If tanθ=5/12 and cotϕ=11/13 , with θ and ϕ in the first quadrant, find the exact value of sin(θ−ϕ). Note: Be sure to enter EXACT values sin(θ−ϕ)=
To find the exact value of sin(θ−ϕ), we first need to find the values of sinθ and sinϕ.
Given that tanθ = 5/12, we can use the Pythagorean identity for the tangent function:
tan²θ + 1 = sec²θ
(5/12)² + 1 = sec²θ
25/144 + 1 = sec²θ
169/144 = sec²θ
Taking the square root of both sides, we get:
secθ = √(169/144)
secθ = 13/12
Since secθ = 1/cosθ, we have:
1/cosθ = 13/12
cosθ = 12/13
Using the Pythagorean identity for the cosine function:
sin²θ + cos²θ = 1
sin²θ + (12/13)² = 1
sin²θ + 144/169 = 1
sin²θ = 1 - 144/169
sin²θ = 25/169
sinθ = ±√(25/169)
sinθ = ±5/13
Since θ is in the first quadrant, we take the positive value:
sinθ = 5/13
Similarly, we can find the value of sinϕ using the given value of cotϕ.
cotϕ = 1/tanϕ
cotϕ = 11/13
Using the Pythagorean identity for the cotangent function:
cot²ϕ + 1 = csc²ϕ
(11/13)² + 1 = csc²ϕ
121/169 + 1 = csc²ϕ
290/169 = csc²ϕ
Taking the square root of both sides, we get:
cscϕ = √(290/169)
cscϕ = √290/13
Since cscϕ = 1/sinϕ, we have:
1/sinϕ = √290/13
sinϕ = 13/√290
To find sin(θ−ϕ), we can use the identity sin(A−B) = sinAcosB − cosAsinB.
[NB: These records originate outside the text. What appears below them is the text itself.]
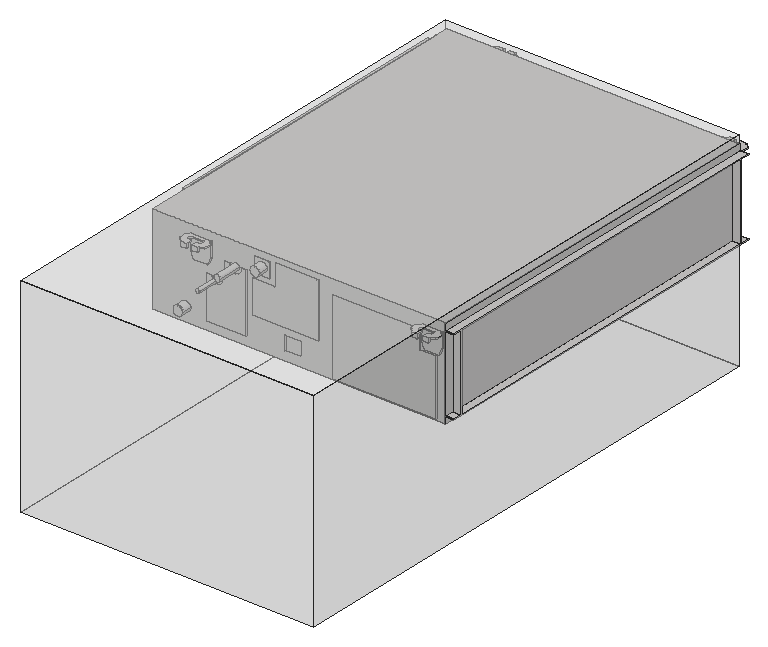
Revit family "outputfile", category 機械設備, Revit 2024
Family settings
  丸型コネクタ寸法 = 半径を使用
  パーツ タイプ = 標準
  OmniClass 番号 = 23.75.10.24.21.27.27
  OmniClass タイトル = Split System Air Conditioning Units
  作業面ベース = いいえ
  常に垂直 = はい
  ロード時にボイドで切り取り = いいえ
  注釈の向きを維持 = いいえ
  共有 = いいえ
  部屋計算ポイント = はい
Parameters (values of type "FBA13BV2S")
  Description = ""
  製造元 = "Daikin"
  書き出し IFC クラス(タイプ) = "IfcUnitaryEquipmentType"
  定義済み IFC タイプ(タイプ) = "AIRCONDITIONINGUNIT"
  Cost = 0
  モデル = "FBA13BV2S"
  Type Comments = ""
  Keynote = ""
  Type Image = (empty or 0)
  Assembly Code = ""
  switch_frequency = yes
  r_Liquid Pipe Size = Liquid Pipe Size / 2  # 4.75 mm
  r_Gas Pipe Size = Gas Pipe Size / 2  # 7.95 mm
  r_Drain Pipe Size = Drain Pipe Size / 2  # 12.5 mm
  lw_power = 770.0 mm  # constant formula
  lh_SA = 138.0 mm  # constant formula
  lw_SA = if(Depth = 550.0 mm, 225.0 mm, if(Depth = 700.0 mm, 300.0 mm, if(Depth = 1000.0 mm, 450.0 mm, if(Depth = 1400.0 mm, 650.0 mm, 725.0 mm))))  # 450.0 mm
  lw_RA = if(Depth = 550.0 mm, 275.0 mm, if(Depth = 700.0 mm, 349.0 mm, if(Depth = 1000.0 mm, 499.0 mm, if(Depth = 1400.0 mm, 699.0 mm, 775.0 mm))))  # 499.0 mm
  lh_power = 60.0 mm + [h***]  # 60.0 mm
  lh_mountinghole1 = lh_mountinghole + [h***]  # 222.0 mm
  lh_RA = 123.0 mm  # constant formula
  ld_power = Depth / 2  # 500.0 mm
  connector_voltage = Voltage_50Hz  # 220 V
  connector_powerinput = [Power Input (Cooling)]  # 0.810 kW
  connector_phase = Phase_50Hz  # 1
  Voltage_comment_50Hz = "220 - 240"
  Voltage_50Hz = 220 V
  URL = ""
  Supply Air Direction [instance] = yes
  Sound Power Level_H speed (dB) = 0
  Phase_50Hz = 1
  Minimum External Static Pressure = 50.00 Pa
  Minimum Circuit Amps_50Hz = 1.5 A
  Maximum Fuse Amps_50Hz = 16.0 A
  Maximum External Static Pressure = 150.00 Pa
  Material_Casing = DAIKIN_GalvanizedSteel_Casing_indoorunit
  lw_mountinghole = 630.0 mm  # constant formula
  lh_gaspipe = 183.0 mm + [h***]  # 183.0 mm
  lh_mountinghole = 222.0 mm  # constant formula
  lh_liquidpipe = 136.0 mm + [h***]  # 136.0 mm
  lh_drainpipe = 207.0 mm + [h***]  # 207.0 mm
  lh_antena = Height - lh_mountinghole + 1.0 mm  # 24.0 mm
  ld_drainpipe = Depth / 2 + 26.0 mm  # 526.0 mm
  ld_liquidpipe = Depth / 2 + 69.0 mm  # 569.0 mm
  ld_gaspipe = Depth / 2 + 65.0 mm  # 565.0 mm
  ld_mountinghole = Depth + 38.0 mm  # 1038.0 mm
  h*** = 0.0 mm  # constant formula
  lw_liquidpipe = 179.0 mm  # constant formula
  lw_gaspipe = 229.0 mm  # constant formula
  lw_drainpipe = 300.0 mm  # constant formula
  Width = 800.0 mm
  Version = "ver.1.0"
  Unit Type = "M.S.P. Duct"
  Unit Mass Weight = 37.00 kg
  Unit Designation [instance] = ""
  Uniclass2015Version = "Products v1.30"
  Uniclass2015Title = "Split coil room air conditioning units"
  Uniclass2015Code = "Pr_70_65_03_86"
  Total Cooling Capacity [instance] = 0.000 kW
  Sound Pressure Level_M speed (dBA) = 33
  Sound Pressure Level_L speed (dBA) = 31
  Sound Pressure Level_H speed (dBA) = 35
  Series = "SkyAir_Fan Coil Unit"
  Sensible Cooling Capacity [instance] = 0.000 kW
  SA Duct Size Width = 792.0 mm
  SA Duct Size Height = 176.0 mm
  Refrigerant Type = "R32"
  RA Duct Size Width = 952.0 mm
  RA Duct Size Height = 208.0 mm
  Power Input (Cooling) = 0.810 kW
  Option Accessory 3 [instance] = ""
  Option Accessory 2 [instance] = ""
  Option Accessory 1 [instance] = ""
  Nominal Cooling Capacity = 3.800 kW
  Minimum Airflow = 750.00 m³/h
  Median Airflow = 900.00 m³/h
  Maximum Airflow = 1080.00 m³/h
  Load Classification = HVAC
  Liquid Pipe Size = 9.5 mm
  Link_Nested Family [instance] = ""
  IfcVersion = ""
  IfcExportType = "AIRCONDITIONINGUNIT"
  IfcExportAs = "IfcUnitaryEquipmentType"
  Height = 245.0 mm
  Heat Exchanger Type = "Cross Fin Coil"
  Gas Pipe Size = 15.9 mm
  Frequency_50Hz = 50 Hz
  Fan Type = "Sirocco Fan"
  Fan Drive = "Direct Drive"
  FCU Tag No. [instance] = ""
  Drain Pipe Size = 25.0 mm
  Design Supply Airflow [instance] = 0.00 m³/h
  Design Return Airflow [instance] = 0.00 m³/h
  Design External Static Pressure [instance] = 0.00 Pa
  Depth = 1000.0 mm
  既定の高さ = 0.0 mm
  Cooling Entering Wet Bulb Temperature [instance] = 0.00 °C
  Cooling Entering Dry Bulb Temperature [instance] = 0.00 °C
  Cooling Ambient Wet Bulb Temperature [instance] = 0.00 °C
  Cooling Ambient Dry Bulb Temperature [instance] = 0.00 °C
  Clearance visibility [instance] = yes
  Clearance Top = 20.0 mm
  Clearance Right = 0.0 mm
  Clearance Rear = 0.0 mm
  Clearance Left = 0.0 mm
  Clearance Front = 450.0 mm
  Clearance Bottom = 300.0 mm
Reference planes
  plane 1 "Center (Front/Back)": y = 0
  plane 2 "h": z = 0
  plane 3 "Center (Left/Right)": x = 0
  plane 4 "Back": y = 500
  plane 5 "Front": y = -500
  plane 6 "Left": x = -400
  plane 7 "Right": x = 400
  plane 8 "Top": z = 0
  plane 9 "Bottom": z = -245
  plane 10: y = -215
  plane 11: y = 500
  plane 12: y = -950
  plane 13: x = -400
  plane 14: x = 400
  plane 15: z = 20
  plane 16: z = -545
  plane 17: x = -400
  plane 18: x = -399
  plane 19: x = 399
  plane 20: y = 50
  plane 21: y = -1
  plane 22: z = -122
  plane 23: y = -501
  plane 24: z = -109
  plane 25: x = -221
  plane 26: y = -565
  plane 27: z = -62
  plane 28: x = -171
  plane 29: y = -526
  plane 30: z = -38
  plane 31: x = -100
  plane 32: x = -100
  plane 33: x = -221
  plane 34: x = -171
  plane 35: x = 370
  plane 36: x = -266
  plane 37: x = 364
  plane 38: y = -519
  plane 39: y = 519
  plane 40: z = -23
  plane 41: z = -107
  plane 42: y = -569
  plane 43: z = -207
  plane 44: x = -309
  plane 45: y = -376
  plane 46: x = -251
  plane 47: x = -203
  plane 48: x = -144
  plane 49: z = -59
  plane 50: z = -106
  plane 51: z = -221
  plane 52: z = -109
  plane 53: x = -221
  plane 54: z = -62
  plane 55: x = -171
  plane 56: z = -17
  plane 57: z = -59
  plane 58: x = -121
  plane 59: x = -79
  plane 60: x = -125
  plane 61: x = -64
  plane 62: x = 53
  plane 63: z = -164
  plane 64: z = -73
  plane 65: z = -16
  plane 66: x = 93.5
  plane 67: x = 374.5
  plane 68: x = 330
  plane 69: z = -88.5
  plane 70: z = -38
  plane 71: z = -242.5
  plane 72: x = -38.5
  plane 73: x = 6.5
  plane 74: z = -181
  plane 75: z = -221
  plane 76: y = -499
  plane 77: x = -424
  plane 78: x = 424
Forms (mm)
  Extrusion 1, solid, material "DAIKIN_GalvanizedSteel_Casing_indoorunit" <- "Material_Casing"
    sketch origin (0, 0, 0) x (1, 0, 0) y (0, 1, 0)
      loop
        line (-399, 500) -> (-399, -500) -> (399, -500) -> (399, 500) -> (-399, 500)
    from -245 to 0
  Extrusion 2, solid, material "DAIKIN_GalvanizedSteel_Casing_indoorunit" <- "Material_Casing"
    sketch origin (0, 0, 0) x (1, 0, 0) y (0, 0, 1)
      loop
        line (-251, -221) -> (-144, -221) -> (-144, -59) -> (-154.47, -59)
        arc (-154.47, -59) -> (-171, -78.8) -> (-187.53, -59) r 16.8
        line (-187.53, -59) -> (-203, -59) -> (-203, -106) -> (-206.916, -106)
        arc (-206.916, -106) -> (-221, -123.4) -> (-235.084, -106) r 14.4
        line (-235.084, -106) -> (-251, -106) -> (-251, -221)
    from 500 to 501
  Extrusion 3, solid, material "DAIKIN_GalvanizedSteel_Casing_indoorunit" <- "Material_Casing"
    sketch origin (0, 0, 0) x (1, 0, 0) y (0, 0, 1)
      loop
        line (-121, -17) -> (-121, -59) -> (-79, -59) -> (-79, -17) -> (-121, -17)
      loop
        line (-125, -73) -> (-125, -164) -> (53, -164) -> (53, -16) -> (-64, -16) -> (-64, -73) -> (-125, -73)
    from 500 to 501
  Extrusion 4, solid, material "DAIKIN_GalvanizedSteel_Casing_indoorunit" <- "Material_Casing"
    sketch origin (0, 0, 0) x (1, 0, 0) y (0, 0, 1)
      loop
        line (93.5, -38) -> (93.5, -242.5) -> (374.5, -242.5) -> (374.5, -88.5) -> (330, -88.5) -> (330, -38) -> (93.5, -38)
    from 500 to 501
  Extrusion 5, solid, material "DAIKIN_GalvanizedSteel_Casing_indoorunit" <- "Material_Casing"
    sketch origin (0, 0, 0) x (1, 0, 0) y (0, 0, 1)
      loop
        circle (-221, -109) r 4.75
    from 500 to 569
  Extrusion 6, solid, material "DAIKIN_GalvanizedSteel_Casing_indoorunit" <- "Material_Casing"
    sketch origin (0, 0, 0) x (1, 0, 0) y (0, 0, 1)
      loop
        circle (-171, -62) r 7.95
    from 500 to 565
  Extrusion 7, solid, material "DAIKIN_GalvanizedSteel_Casing_indoorunit" <- "Material_Casing"
    sketch origin (0, 0, 0) x (1, 0, 0) y (0, 0, 1)
      loop
        circle (-100, -38) r 12.5
    from 501 to 526
  Extrusion 8, solid, material "DAIKIN_GalvanizedSteel_Casing_indoorunit" <- "Material_Casing"
    sketch origin (0, 0, 0) x (1, 0, 0) y (0, 0, 1)
      loop
        circle (-309, -207) r 13
    from 500 to 526
  Extrusion 9, void
    sketch origin (0, 0, 0) x (1, 0, 0) y (0, 0, 1)
      loop
        line (-38.5, -181) -> (-38.5, -221) -> (6.5, -221) -> (6.5, -181) -> (-38.5, -181)
    from 499 to 500
Cuts and joins
  Extrusion 9 cuts Extrusion 1
Dimensions and locks
  "Height": plane 8 "Top" to plane 9 "Bottom"
  equal spacing: plane 4 "Back", plane 1 "Center (Front/Back)", plane 5 "Front"
  "Depth": plane 4 "Back" to plane 5 "Front"
  equal spacing: plane 6 "Left", plane 3 "Center (Left/Right)", plane 7 "Right"
  "Width": plane 6 "Left" to plane 7 "Right"
  "Clearance Left": plane 13 to plane 6 "Left"
  "Clearance Right": plane 7 "Right" to plane 14
  "Clearance Rear": plane 11 to plane 4 "Back"
  "Clearance Front": plane 5 "Front" to plane 12
  "Clearance Top": plane 15 to plane 8 "Top"
  "Clearance Bottom": plane 9 "Bottom" to plane 16
  locked: plane 17 to plane 18 at 1
  locked: plane 19 to plane 14 at 1
  "lw_SA": plane 11 to plane 20
  "lw_RA": plane 21 to plane 5 "Front"
  "lh_RA": plane 22 to plane 9 "Bottom"
  locked: plane 5 "Front" to plane 23 at 1
  "lw_liquidpipe": plane 25 to plane 6 "Left"
  "lh_liquidpipe": plane 24 to plane 9 "Bottom"
  "lh_gaspipe": plane 27 to plane 9 "Bottom"
  "lw_gaspipe": plane 28 to plane 6 "Left"
  "ld_gaspipe": plane 26 to plane 1 "Center (Front/Back)"
  "ld_drainpipe": plane 29 to plane 1 "Center (Front/Back)"
  "lh_drainpipe": plane 30 to plane 9 "Bottom"
  "lw_drainpipe": plane 31 to plane 6 "Left"
  "lw_drainpipe": plane 6 "Left" to plane 32
  "lw_liquidpipe": plane 6 "Left" to plane 33
  "lw_gaspipe": plane 6 "Left" to plane 34
  "lw_power": plane 6 "Left" to plane 35
  locked: plane 17 to plane 36 at 134
  "lw_mountinghole": plane 36 to plane 37
  equal spacing: plane 38, plane 1 "Center (Front/Back)", plane 39
  "ld_mountinghole": plane 39 to plane 38
  "lh_mountinghole": plane 40 to plane 9 "Bottom"
  "lh_SA": plane 41 to plane 9 "Bottom"
  locked: plane 44 to plane 6 "Left" at 91
  locked: plane 43 to plane 9 "Bottom" at 38
  plane 48 to plane 47 to plane 46 to plane 6 "Left" = 59.0 mm, 48.0 mm, 149.0 mm
  plane 8 "Top" to plane 49 to plane 50 to plane 51 = 59.0 mm locked, 47.0 mm locked, 115.0 mm locked
  plane 55 to plane 53 to plane 6 "Left" = 50.0 mm locked, 179.0 mm locked
  plane 54 to plane 52 to plane 9 "Bottom" = 47.0 mm locked, 136.0 mm locked
  plane 59 to plane 58 to plane 6 "Left" = 42.0 mm locked, 279.0 mm locked
  plane 8 "Top" to plane 56 to plane 57 = 17.0 mm locked, 42.0 mm locked
  plane 62 to plane 61 to plane 60 to plane 6 "Left" = 117.0 mm, 61.0 mm, 275.0 mm
  plane 8 "Top" to plane 65 to plane 64 = 16.0 mm locked, 57.0 mm locked
  locked: plane 65 to plane 63 at 148
  plane 8 "Top" to plane 70 to plane 69 to plane 71 = 38.0 mm locked, 50.5 mm locked, 154.0 mm locked
  plane 67 to plane 68 to plane 66 to plane 6 "Left" = 44.5 mm locked, 236.5 mm locked, 493.5 mm locked
  plane 8 "Top" to plane 74 to plane 75 = 181.0 mm locked, 40.0 mm locked
  plane 73 to plane 72 to plane 6 "Left" = 45.0 mm, 361.5 mm
  locked: plane 76 to plane 5 "Front" at 1
  locked: plane 77 to plane 17 at 24
  locked: plane 14 to plane 78 at 24
  "ld_liquidpipe": plane 42 to plane 1 "Center (Front/Back)"
  "r_Liquid Pipe Size": radius of Extrusion 5 sketch curve
  "r_Gas Pipe Size": radius of Extrusion 6 sketch curve
  "r_Drain Pipe Size": radius of Extrusion 7 sketch curve
  aligned and locked: level to plane 2 "h"
  aligned and locked: plane 8 "Top" to Extrusion 1
  aligned and locked: Extrusion 1 to plane 9 "Bottom"
  aligned and locked: nested 5 to plane 12
  aligned and locked: plane 13 to nested 5
  aligned and locked: plane 14 to nested 5
  aligned and locked: nested 5 to plane 13
  aligned and locked: plane 11 to nested 5
  aligned and locked: plane 15 to nested 5
  aligned and locked: plane 16 to nested 5
  aligned and locked: plane 5 "Front" to Extrusion 1 sketch curve
  aligned and locked: Extrusion 1 to plane 18
  aligned and locked: plane 19 to Extrusion 1
  aligned and locked: nested 7 to plane 18
  aligned and locked: nested 7 to plane 20
  aligned and locked: plane 19 to nested 8
  aligned and locked: plane 21 to nested 8
  aligned and locked: plane 22 to nested 8
  aligned and locked: Extrusion 2 to plane 23
  aligned and locked: plane 5 "Front" to Extrusion 2
  aligned and locked: Extrusion 3 to plane 23
  aligned and locked: plane 5 "Front" to Extrusion 3
  aligned and locked: plane 5 "Front" to Extrusion 4
  aligned and locked: Extrusion 5 sketch curve to plane 25
  aligned and locked: plane 24 to Extrusion 5 sketch curve
  aligned and locked: plane 5 "Front" to Extrusion 5
  aligned and locked: Extrusion 6 sketch curve to plane 28
  aligned and locked: plane 27 to Extrusion 6 sketch curve
  aligned and locked: plane 5 "Front" to Extrusion 6
  aligned and locked: Extrusion 7 sketch curve to plane 31
  aligned and locked: Extrusion 7 sketch curve to plane 30
  aligned and locked: Extrusion 7 to plane 29
  aligned and locked: plane 23 to Extrusion 7
  aligned and locked: nested 3 to plane 29
  aligned and locked: plane 32 to nested 3
  aligned and locked: nested 2 to plane 33
  aligned and locked: nested 1 to plane 34
  aligned and locked: Extrusion 6 to plane 26
  aligned and locked: nested 1 to plane 26
  aligned and locked: nested 6 to plane 5 "Front"
  aligned and locked: nested 6 to plane 35
  aligned and locked: plane 36 to nested 10
  aligned and locked: nested 10 to plane 5 "Front"
  aligned and locked: plane 37 to nested 9
  aligned and locked: nested 9 to plane 5 "Front"
  aligned and locked: nested 11 to plane 36
  aligned and locked: plane 4 "Back" to nested 11
  aligned and locked: nested 12 to plane 37
  aligned and locked: plane 4 "Back" to nested 12
  aligned and locked: plane 40 to nested 10
  aligned and locked: plane 40 to nested 11
  aligned and locked: plane 40 to nested 9
  aligned and locked: plane 40 to nested 12
  aligned and locked: plane 36 to nested 14
  aligned and locked: nested 14 to plane 39
  aligned and locked: plane 37 to nested 13
  aligned and locked: nested 13 to plane 39
  aligned and locked: plane 37 to nested 16
  aligned and locked: plane 38 to nested 16
  aligned and locked: plane 38 to nested 15
  aligned and locked: plane 36 to nested 15
  aligned and locked: plane 17 to plane 6 "Left"
  aligned and locked: plane 41 to nested 7
  aligned and locked: Extrusion 5 to plane 42
  aligned and locked: nested 2 to plane 42
  aligned and locked: Extrusion 8 sketch curve to plane 44
  aligned and locked: plane 43 to Extrusion 8 sketch curve
  aligned and locked: plane 5 "Front" to Extrusion 8
  aligned and locked: Extrusion 3 sketch curve to plane 56
  aligned and locked: Extrusion 3 sketch curve to plane 58
  aligned and locked: plane 57 to Extrusion 3 sketch curve
  aligned and locked: plane 59 to Extrusion 3 sketch curve
  aligned and locked: Extrusion 4 to plane 23
  aligned and locked: Extrusion 9 sketch curve to plane 74
  aligned and locked: plane 75 to Extrusion 9 sketch curve
  aligned and locked: plane 73 to Extrusion 9 sketch curve
  aligned and locked: plane 5 "Front" to Extrusion 9
  aligned and locked: plane 76 to Extrusion 9
  aligned and locked: nested 17 to plane 20
  aligned and locked: nested 17 to plane 77
  aligned and locked: plane 21 to nested 18
  aligned and locked: plane 78 to nested 18
  aligned and locked: plane 41 to nested 17
  aligned and locked: nested 18 to plane 22
  aligned and locked: nested 4 to plane 3 "Center (Left/Right)"
  aligned and locked: plane 1 "Center (Front/Back)" to nested 4
  aligned and locked: level to plane 8 "Top"
Automatic sketch dimensions
  plane 6 "Left" to Extrusion 1 sketch curve = 1.0 mm
  Extrusion 1 sketch curve to plane 7 "Right" = 1.0 mm
  Extrusion 1 sketch curve to plane 4 "Back" = 0.0 mm
  Extrusion 2 sketch curve to plane 46 = 0.0 mm
  Extrusion 2 sketch curve to plane 33 = 0.0 mm
  Extrusion 2 sketch curve to plane 47 = 0.0 mm
  Extrusion 2 sketch curve to plane 34 = 0.0 mm
  Extrusion 2 sketch curve to plane 48 = 0.0 mm
  Extrusion 2 sketch curve to plane 51 = 0.0 mm
  Extrusion 2 sketch curve to plane 52 = 0.0 mm
  Extrusion 2 sketch curve to plane 50 = 0.0 mm  (x3)
  Extrusion 2 sketch curve to plane 54 = 0.0 mm
  Extrusion 2 sketch curve to plane 49 = 0.0 mm  (x3)
  plane 33 to Extrusion 2 sketch curve = 14.084 mm
  plane 34 to Extrusion 2 sketch curve = 16.53 mm
  Extrusion 3 sketch curve to plane 60 = 0.0 mm
  Extrusion 3 sketch curve to plane 61 = 0.0 mm
  Extrusion 3 sketch curve to plane 62 = 0.0 mm
  Extrusion 3 sketch curve to plane 63 = 0.0 mm
  Extrusion 3 sketch curve to plane 64 = 0.0 mm
  Extrusion 3 sketch curve to plane 65 = 0.0 mm
  Extrusion 4 sketch curve to plane 66 = 0.0 mm
  Extrusion 4 sketch curve to plane 68 = 0.0 mm
  Extrusion 4 sketch curve to plane 67 = 0.0 mm
  Extrusion 4 sketch curve to plane 71 = 0.0 mm
  Extrusion 4 sketch curve to plane 69 = 0.0 mm
  Extrusion 4 sketch curve to plane 70 = 0.0 mm
  Extrusion 9 sketch curve to plane 72 = 0.0 mm
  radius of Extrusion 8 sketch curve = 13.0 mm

sin(θ−ϕ) = sinθcosϕ − cosθsinϕ
Plugging in the values we found:
sin(θ−ϕ) = (5/13 * 11/13) - (12/13 * 13/√290)
sin(θ−ϕ) = (55/169) - (156/√290)
sin(θ−ϕ) = (55 - 156√290)/(169√290)
Therefore, the exact value of sin(θ−ϕ) is (55 - 156√290)/(169√290).
To find the exact value of sin(θ−ϕ), we will use the trigonometric identities.
We know that tanθ=5/12, so let's find the other trigonometric values for θ. First, let's find the value of sinθ.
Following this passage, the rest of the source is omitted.